Maintenance of Mimicry in the Sickly Defender
Hypothesis
The plausible maintenance of dishonest signals of infection are
contingent on several factors. The transmissibility of parasites and
their associated fitness costs to its host must be weighed against the
benefits gained by displacing or attacking infection-mimicking
opponents. In cases where an opponent’s genuine infection status is
ambiguous, evolution is anticipated to select against making the
costlier error (Wiley 1994). Thus, if the costs of acquiring a certain
infection are higher than the costs of losing a subset of winnable
contests, then animals should err on the side of “believing” any
infection cues they see.
The frequency of mimics relative to truly infected individuals will
alter the relative costs to receivers of ignoring or believing mimics,
meaning that the success of mimicry is likely contingent on mimics
remaining beneath a certain frequency threshold (negative
frequency-dependent selection). When mimics become too common, this will
select for receivers to ignore mimics. As mimics decrease in frequency,
however, the benefits of ignoring mimics is predicted to be outweighed
by the costs of mistakenly confronting genuinely infected opponents. The
precise stable frequency of mimics will depend on the fitness impacts of
the parasite, its transmissibility, and the relative benefits of
acquiring territories or other resources (see Box 1A).

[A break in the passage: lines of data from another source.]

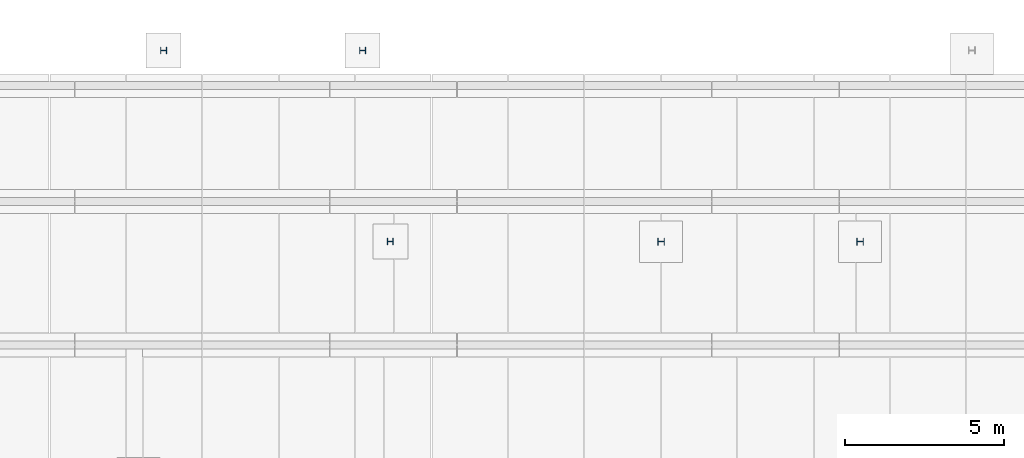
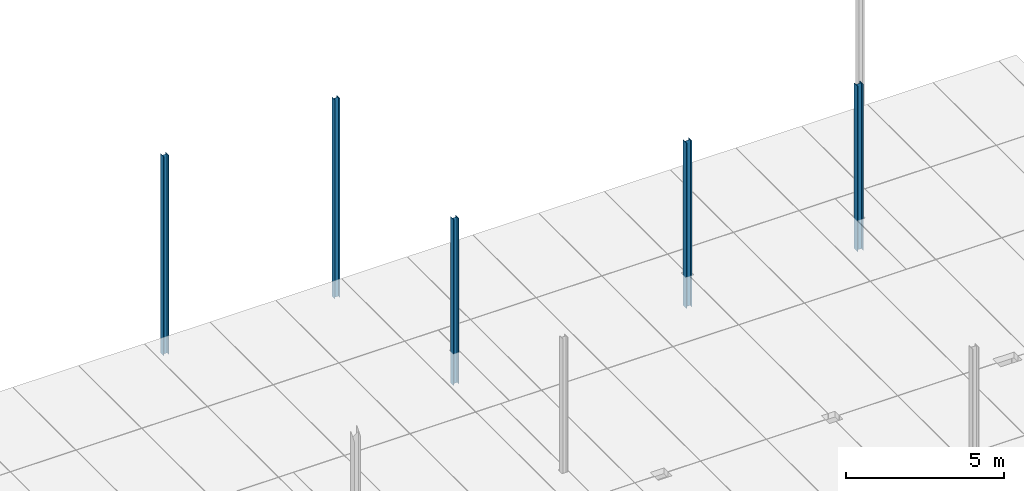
# One storey, part 41 of 59: 5 columns.
"""IFC2X3 building model written with IfcOpenShell, lengths in metres."""

from ifc_helpers import new_model, entity, si_unit, converted_unit, derived_unit, frame, origin, origin_with_axes, place, context, subcontext, project, spatial, polyline, outline, extrude, material, element, save


model = new_model("IFC2X3")

# Units and contexts
model_context = context("Model", 3, precision=1e-05, world=origin())
body_context = subcontext(model_context, "Body", "Model", "MODEL_VIEW")
ifc_project = project(units=[si_unit("LENGTHUNIT", "METRE"), si_unit("AREAUNIT", "SQUARE_METRE"), si_unit("VOLUMEUNIT", "CUBIC_METRE"), si_unit("MASSUNIT", "GRAM", prefix="KILO"), converted_unit("PLANEANGLEUNIT", "DEGREE", entity("IfcPlaneAngleMeasure", 0.0174532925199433), si_unit("PLANEANGLEUNIT", "RADIAN"), dimensions=[0, 0, 0, 0, 0, 0, 0]), derived_unit("THERMALTRANSMITTANCEUNIT", [(si_unit("POWERUNIT", "WATT"), 1), (si_unit("THERMODYNAMICTEMPERATUREUNIT", "KELVIN"), -1), (si_unit("LENGTHUNIT", "METRE"), -2)]), derived_unit("VOLUMETRICFLOWRATEUNIT", [(si_unit("LENGTHUNIT", "METRE"), 3), (converted_unit("TIMEUNIT", "hour", entity("IfcTimeMeasure", 3600.0), si_unit("TIMEUNIT", "SECOND"), dimensions=[0, 0, 1, 0, 0, 0, 0]), -1), (si_unit("LENGTHUNIT", "METRE"), -1)])], contexts=[model_context])

# Site, building, storey
site_placement = place(None, origin())
site = spatial("IfcSite", under=ifc_project, at=site_placement, Name="TWP_Speiseverteilzentrum SBW VZ II", CompositionType="ELEMENT")
building_placement = place(site_placement, origin())
building = spatial("IfcBuilding", under=site, at=building_placement, Name="Speiseverteilzentrum SBW VZ II", CompositionType="ELEMENT")
storey_placement = place(building_placement, frame((0.0, 0.0, 1.7307)))
storey = spatial("IfcBuildingStorey", under=building, at=storey_placement, Name="EG_Produktion_FFB", CompositionType="ELEMENT", Elevation=1.7307)

# Columns
ifc_material_1 = material(Name="S235")
column_1_placement = place(storey_placement, frame((66.145, 79.437433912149, -1.5)))
element("IfcColumn", 1, at=column_1_placement, inside=storey, material=ifc_material_1, Name="Stahlstütze", context=body_context, shape_type="SweptSolid", body=[
    extrude(outline(polyline([(0.21, 0.0), (0.21, 0.22), (0.199, 0.22), (0.199, 0.1135), (0.011, 0.1135), (0.011, 0.22), (0.0, 0.22), (0.0, 0.0), (0.011, 0.0), (0.011, 0.1065), (0.199, 0.1065), (0.199, 0.0), (0.21, 0.0)])), origin_with_axes(), (0.0, 0.0, 1.0), 6.4),
])
ifc_material_2 = material(Name="S235")
column_2_placement = place(storey_placement, frame((59.895, 79.437433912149, -1.5)))
element("IfcColumn", 2, at=column_2_placement, inside=storey, material=ifc_material_2, Name="Stahlstütze", context=body_context, shape_type="SweptSolid", body=[
    extrude(outline(polyline([(0.21, 0.0), (0.21, 0.22), (0.199, 0.22), (0.199, 0.1135), (0.011, 0.1135), (0.011, 0.22), (0.0, 0.22), (0.0, 0.0), (0.011, 0.0), (0.011, 0.1065), (0.199, 0.1065), (0.199, 0.0), (0.21, 0.0)])), origin_with_axes(), (0.0, 0.0, 1.0), 6.4),
])
ifc_material_3 = material(Name="S235")
column_3_placement = place(storey_placement, frame((51.3996040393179, 79.447433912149, -1.5)))
element("IfcColumn", 3, at=column_3_placement, inside=storey, material=ifc_material_3, Name="Stahlstütze", context=body_context, shape_type="SweptSolid", body=[
    extrude(outline(polyline([(0.19, 0.0), (0.19, 0.2), (0.18, 0.2), (0.18, 0.10325), (0.01, 0.10325), (0.01, 0.2), (0.0, 0.2), (0.0, 0.0), (0.01, 0.0), (0.01, 0.09675), (0.18, 0.09675), (0.18, 0.0), (0.19, 0.0)])), origin_with_axes(), (0.0, 0.0, 1.0), 6.4),
])
ifc_material_4 = material(Name="S235")
column_4_placement = place(storey_placement, frame((50.53, 85.4500000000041, -1.5)))
element("IfcColumn", 4, at=column_4_placement, inside=storey, material=ifc_material_4, Name="Stahlstütze", context=body_context, shape_type="SweptSolid", body=[
    extrude(outline(polyline([(0.19, 0.0), (0.19, 0.2), (0.18, 0.2), (0.18, 0.10325), (0.01, 0.10325), (0.01, 0.2), (0.0, 0.2), (0.0, 0.0), (0.01, 0.0), (0.01, 0.09675), (0.18, 0.09675), (0.18, 0.0), (0.19, 0.0)])), origin_with_axes(), (0.0, 0.0, 1.0), 7.6893),
])
ifc_material_5 = material(Name="S235")
column_5_placement = place(storey_placement, frame((44.28, 85.4500000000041, -1.5)))
element("IfcColumn", 5, at=column_5_placement, inside=storey, material=ifc_material_5, Name="Stahlstütze", context=body_context, shape_type="SweptSolid", body=[
    extrude(outline(polyline([(0.19, 0.0), (0.19, 0.2), (0.18, 0.2), (0.18, 0.10325), (0.01, 0.10325), (0.01, 0.2), (0.0, 0.2), (0.0, 0.0), (0.01, 0.0), (0.01, 0.09675), (0.18, 0.09675), (0.18, 0.0), (0.19, 0.0)])), origin_with_axes(), (0.0, 0.0, 1.0), 7.6893),
])

save(model, "model.ifc")

The frequency of mimics might also be shaped by the costs of the
strategy (see Box 1A). For instance, there may be costs associated with
increased conspicuousness to predators or, very likely, decreased
attractiveness to mates. These costs may differ depending on male
condition. Seeing as low-RHP males in species with large differences in
RHP are perhaps the most likely mimics (Mokkonen & Lindstedt 2016), it
may be that their attractiveness to females is already sufficiently low
that the costs of exhibiting false infection might be comparatively
modest. Conversely, the larger reproductive potential of high-quality
males will cause any decrease in their attractiveness to have a greater
absolute cost to reproductive success (Engqvist et al. 2015),
likely causing infection-mimicry to be a suboptimal strategy. In terms
of benefits, high-quality males will presumably be capable of competing
for mates and resources by conventional means, reducing any benefits of
mimicry. Additionally, due to greater risk aversion in high quality
males (Engqvist et al. 2015), the efficacy of mimicry for
deterring high-quality opponents is predicted to be greater than for
low-quality opponents (Figure 1). In aggregate, infection mimicry is
anticipated to impose steep costs to high-quality males with low
returns, whereas low-quality males are anticipated to experience lower
costs and greater returns. These differential costs and benefits of
mimicry may be sufficient to ensure that the mimic strategy is not
optimal for all males, thus preventing the frequency of mimics from
crossing the threshold at which receivers begin to ignore apparent
infection cues. The attractiveness costs of mimicry, and ways in which
they may be altered or mitigated, are discussed in more detail later.
If infection mimicry is most beneficial and least costly to low-quality
males, then it is most likely to evolve as a condition-dependent
strategy. Condition-dependent models of alternative reproductive tactics
posit that an individual’s condition will affect an animal’s
developmental decision to go down alternative strategic routes (e.g., if
big, be a fighter, if small, a sneaker) (Repka & Gross 1995; Gross &
Repka 1998). This allows for the maintenance of different tactics with
different fitness outcomes. If costs to low-quality males of conspecific
aggression exceed the benefits of maximizing their attractiveness, then
infection-mimicry could be a fitness optimizing strategy, even if their
overall fitness is lower than high quality males. Mimicry, then, becomes
a classic “making the best of a bad situation” strategy.